Part of the book series: Advances in Experimental Medicine and Biology ((AEMB,volume 1065))

Abstract

Phenotypic sex differences in coronary artery disease (CAD) and its risk factors have been apparent for many decades in basic and clinical research; however, whether these are also present at the gene level and thus influence genome-wide association and genetic risk prediction studies has often been ignored. From fundamental and medical standpoints, this is critically important to assess in order to fully understand the underlying genetic architecture that predisposes to CAD and better predict disease outcomes based on the interaction between genes, sex effects, and environment. In this chapter we aimed to (1) integrate the history and latest research from genome-wide association studies for CAD and clinical and genetic risk scores for prediction of CAD, (2) highlight sex-specific differences in these areas of research, and (3) discuss reasons why sex differences have often not been considered and, where present, why sex differences exist at genetic and phenotypic levels and how important they are for consideration in future research. While we find interesting examples of sex differences in effects of genetic variants on CAD, genome-wide association and genetic risk studies have typically not tested for sex-specific effects despite mounting evidence from diverse fields that these are likely very important to consider at both the genetic and phenotypic levels.

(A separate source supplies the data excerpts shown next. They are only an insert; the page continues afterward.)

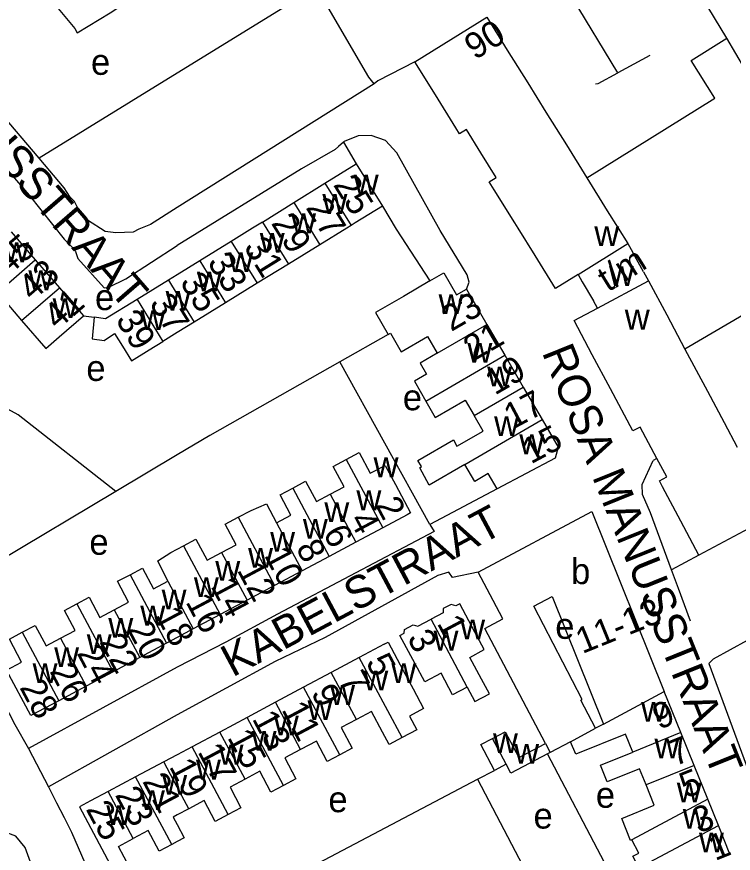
# Model space of a CAD drawing. Extents: x 159902 to 161769, y 383692 to 384875.
# Drawn here: x 160675.1 to 160786.3, y 383903 to 384032.8 of the extents above; entities that cross this region are included whole.
import ezdxf

# ---------------------------------------------------------------- set-up
doc = ezdxf.new("R2010")
doc.units = 0
for name, color, linetype in [('BLT_Basislijn', 7, 'Continuous'), ('BLT_Bebouwing', 7, 'Continuous'), ('BLT_Centroide', 7, 'Continuous'), ('BLT_Huisnummer', 7, 'Continuous'), ('BLT_Huisnummer_ tussenligend', 7, 'Continuous'), ('BLT_Huisnummer_reeks', 7, 'Continuous'), ('BLT_Onderdoorgang_en_onderverdeling', 7, 'Continuous'), ('BLT_Onderverdeling_panden', 7, 'Continuous'), ('BLT_Straatnaam', 7, 'Continuous')]:
    doc.layers.add(name, color=color, linetype=linetype)

msp = doc.modelspace()

# ---------------------------------------------------------------- linework, layer by layer
at = {"layer": 'BLT_Basislijn'}
for p, q in [((160721.6, 384037.33), (160700, 384024.04)), ((160768.37, 384024.07), (160761.01, 384036.24)), ((160773.34, 384026.76), (160768.37, 384024.07)), ((160678.56, 384010.84), (160667.52, 384023.83)), ((160700, 384024.04), (160678.56, 384010.84)), ((160730.55, 384022.37), (160700, 384003.16)), ((160725.78, 384013.32), (160727.79, 384009.98)), ((160732.74, 383983.5), (160725.22, 383979.24)), ((160725.22, 383979.24), (160705.07, 383967.82)), ((160739.22, 383953.99), (160725.22, 383979.24)), ((160705.07, 383967.82), (160700, 383964.8)), ((160700, 383964.8), (160690.47, 383959.11)), ((160690.47, 383959.11), (160664.32, 383943.52)), ((160749.64, 383959.53), (160739.22, 383953.99)), ((160780.96, 383949.26), (160776.71, 383946.99)), ((160700, 383931.89), (160676.93, 383919.27)), ((160700, 383924.5), (160680.01, 383913.3)), ((160676.93, 383919.27), (160680.01, 383913.3)), ((160746.59, 383914.49), (160749.24, 383915.88)), ((160700, 383890.04), (160746.59, 383914.49)), ((160746.59, 383914.49), (160756.14, 383896.34)), ((160680.01, 383913.3), (160681.26, 383910.86))]:
    msp.add_line(p, q, dxfattribs=at)
for points in [[(160679.44, 384036.6), (160684.09, 384030.92), (160684.47, 384030.26), (160689.62, 384033.35), (160695.93, 384037.62), (160697.53, 384038.52), (160700, 384040.14)], [(160730.55, 384022.37), (160729.74, 384023.39), (160721.6, 384037.33)], [(160763.56, 384007.78), (160783.4, 384020.15), (160779.77, 384025.98), (160785.28, 384029.42)], [(160659.77, 384024.99), (160661.45, 384023.04), (160677.02, 384005.07), (160682.46, 383998.27), (160683.74, 383997), (160684.22, 383996.36), (160684.59, 383995.28), (160688.68, 383990.74), (160689.41, 383990.83), (160692.03, 383992.12), (160700, 383997.28)], [(160736.89, 384025.75), (160731.13, 384022.84), (160730.55, 384022.37)], [(160764.88, 384022.37), (160765.33, 384022.42), (160768.37, 384024.07)], [(160744.9, 383990.5), (160745.29, 383991.58), (160744.99, 383992.76), (160740.82, 383999.63), (160734.1, 384011.66), (160732.34, 384013.57), (160730.11, 384014.37), (160728.1, 384014.29), (160725.89, 384013.42), (160725.78, 384013.32)], [(160725.78, 384013.32), (160725.04, 384012.64), (160724.53, 384012.17), (160719.26, 384009.17), (160700, 383997.28)], [(160694.05, 383999.81), (160693.17, 383999.36), (160690.5, 383999.24), (160688.84, 383999.47), (160686.07, 384001.24), (160684.85, 384002.56), (160684.06, 384004.1), (160683.37, 384004.78), (160682.46, 384006.24), (160678.56, 384010.84)], [(160700, 384003.16), (160695.85, 384000.55), (160694.05, 383999.81)], [(160731.84, 384003.4), (160733.97, 383999.82), (160739.21, 383991.8)], [(160808.64, 383988.77), (160803.06, 383986.17), (160799.11, 383993.1), (160778.79, 383981.22)], [(160690.47, 383959.11), (160675.33, 383971.02), (160671.5, 383973.08)], [(160776.71, 383946.99), (160773.44, 383955.81), (160772.18, 383958.66), (160772.13, 383960.21), (160773.86, 383963.95)], [(160739.22, 383953.99), (160739.85, 383952.92), (160715.55, 383940.11), (160707.55, 383935.76), (160700, 383931.89)], [(160779.64, 383939.03), (160777.79, 383944.09), (160776.71, 383946.99)], [(160746.68, 383946.63), (160742.73, 383945.8), (160742.13, 383946.64), (160740.44, 383946.12), (160722.94, 383936.51), (160715.2, 383932.78), (160700, 383924.5)], [(160664.32, 383943.52), (160665.13, 383941.64), (160674.8, 383922.98), (160676.93, 383919.27)], [(160789.94, 383933.21), (160788.45, 383936.02), (160783.16, 383933.13), (160782.49, 383932.48), (160794.23, 383900.62), (160795.68, 383898.07), (160797.42, 383896), (160797.84, 383895.65), (160800.29, 383894.78), (160802.93, 383894.69), (160805.42, 383895.54), (160806.44, 383896.13), (160818.93, 383905.69), (160830.31, 383913.34), (160841.85, 383920.77), (160849.53, 383926.4), (160850.93, 383927.2)], [(160766.3, 383901.61), (160757.48, 383918.42)], [(160681.26, 383910.86), (160682.46, 383908.59), (160683.59, 383906.28), (160684.65, 383903.93), (160685.64, 383901.56), (160686.55, 383899.15), (160687.38, 383896.72), (160688.14, 383894.26), (160688.83, 383891.78), (160689.43, 383889.28), (160689.68, 383888.16)], [(160689.27, 383870.48), (160684.45, 383880.61), (160683.78, 383882.49), (160683.26, 383884.97), (160676.41, 383903.93), (160674.94, 383905.66), (160673.06, 383906.41), (160670.67, 383906.49), (160664.62, 383903.62), (160648.63, 383894.85), (160606.51, 383872.87)]]:
    msp.add_lwpolyline(points, dxfattribs=at)
at = {"layer": 'BLT_Bebouwing'}
for p, q in [((160785.28, 384029.42), (160781.04, 384036.5)), ((160788.09, 384024.69), (160785.28, 384029.42)), ((160751.21, 384027.6), (160754.38, 384022.51)), ((160740.06, 384020.66), (160736.89, 384025.75)), ((160754.38, 384022.51), (160757.21, 384017.97)), ((160743.23, 384015.56), (160740.06, 384020.66)), ((160757.21, 384017.97), (160760.38, 384012.88)), ((160760.38, 384012.88), (160763.56, 384007.78)), ((160722.93, 384006.96), (160727.79, 384009.98)), ((160727.79, 384009.98), (160731.84, 384003.4)), ((160718.08, 384003.94), (160722.93, 384006.96)), ((160763.56, 384007.78), (160766.73, 384002.69)), ((160752.37, 384000.82), (160749.2, 384005.91)), ((160713.23, 384000.92), (160718.08, 384003.94)), ((160674.21, 383999.4), (160677.96, 383995.06)), ((160708.36, 383997.91), (160703.49, 383994.92)), ((160769.9, 383997.6), (160770.68, 383996.21)), ((160722.12, 383997.41), (160717.25, 383994.41)), ((160772.36, 383993.21), (160770.68, 383996.21)), ((160677.96, 383995.06), (160681.71, 383990.72)), ((160703.49, 383994.92), (160700, 383992.76)), ((160717.25, 383994.41), (160712.38, 383991.42)), ((160700, 383992.76), (160698.63, 383991.92)), ((160762.2, 383992.8), (160762.86, 383991.67)), ((160772.36, 383993.21), (160773.14, 383991.81)), ((160698.63, 383991.92), (160693.76, 383988.92)), ((160712.38, 383991.42), (160707.51, 383988.42)), ((160762.86, 383991.67), (160764.59, 383988.69)), ((160773.14, 383991.81), (160775.97, 383986.52)), ((160672.1, 383989.99), (160675.86, 383985.66)), ((160681.71, 383990.72), (160685.47, 383986.38)), ((160743.33, 383989.65), (160744.9, 383990.5)), ((160744.9, 383990.5), (160748.06, 383985.05)), ((160707.51, 383988.42), (160702.65, 383985.42)), ((160765.23, 383987.59), (160764.59, 383988.69)), ((160685.47, 383986.38), (160687.13, 383986.16)), ((160730.77, 383986.89), (160732.74, 383983.5)), ((160775.97, 383986.52), (160778.79, 383981.22)), ((160702.65, 383985.42), (160700, 383983.79)), ((160748.06, 383985.05), (160750.84, 383980.26)), ((160700, 383983.79), (160697.78, 383982.42)), ((160732.74, 383983.5), (160733.07, 383983.69)), ((160778.79, 383981.22), (160782.27, 383974.7)), ((160750.84, 383980.26), (160753.7, 383975.33)), ((160767.23, 383975.05), (160764.4, 383980.34)), ((160753.7, 383975.33), (160756.62, 383970.29)), ((160782.27, 383974.7), (160784.87, 383969.82)), ((160774.44, 383964.26), (160771.84, 383969.13)), ((160784.87, 383969.82), (160786.9, 383966.03)), ((160778.14, 383954.55), (160775.31, 383959.85)), ((160731.88, 383953.48), (160727.71, 383951.26)), ((160780.96, 383949.26), (160778.14, 383954.55)), ((160727.71, 383951.26), (160723.59, 383949.06)), ((160700, 383950.17), (160700.96, 383950.68)), ((160723.59, 383949.06), (160719.37, 383946.81)), ((160719.37, 383946.81), (160715.11, 383944.54)), ((160715.11, 383944.54), (160710.84, 383942.27)), ((160710.84, 383942.27), (160706.64, 383940.03)), ((160706.64, 383940.03), (160702.49, 383937.81)), ((160702.49, 383937.81), (160700, 383936.49)), ((160700, 383936.49), (160698.34, 383935.6)), ((160698.34, 383935.6), (160694.18, 383933.39)), ((160732.1, 383935.43), (160728.24, 383933.37)), ((160694.18, 383933.39), (160690.04, 383931.18)), ((160728.24, 383933.37), (160723.91, 383931.06)), ((160690.04, 383931.18), (160685.86, 383928.95)), ((160723.91, 383931.06), (160719.62, 383928.78)), ((160685.86, 383928.95), (160681.61, 383926.68)), ((160719.62, 383928.78), (160715.24, 383926.44)), ((160778.16, 383921.73), (160775.57, 383928.12)), ((160715.24, 383926.44), (160710.86, 383924.1)), ((160710.86, 383924.1), (160706.61, 383921.83)), ((160766.15, 383923.07), (160764.9, 383922.4)), ((160706.61, 383921.83), (160702.3, 383919.53)), ((160780.21, 383916.64), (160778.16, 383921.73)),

In-depth testing for sex effects in large-scale genome-wide association studies that include autosomal and often excluded sex chromosomes alongside parallel improvements in resolution of sex-specific differences for risk factors and disease outcomes for CAD has the potential to substantially improve clinical and genetic risk prediction studies. Developing sex-tailored genetic risk scores as has been done recently for other disorders might be also warranted for CAD. In the era of precision medicine, this level of accuracy is essential for such a common and costly disease.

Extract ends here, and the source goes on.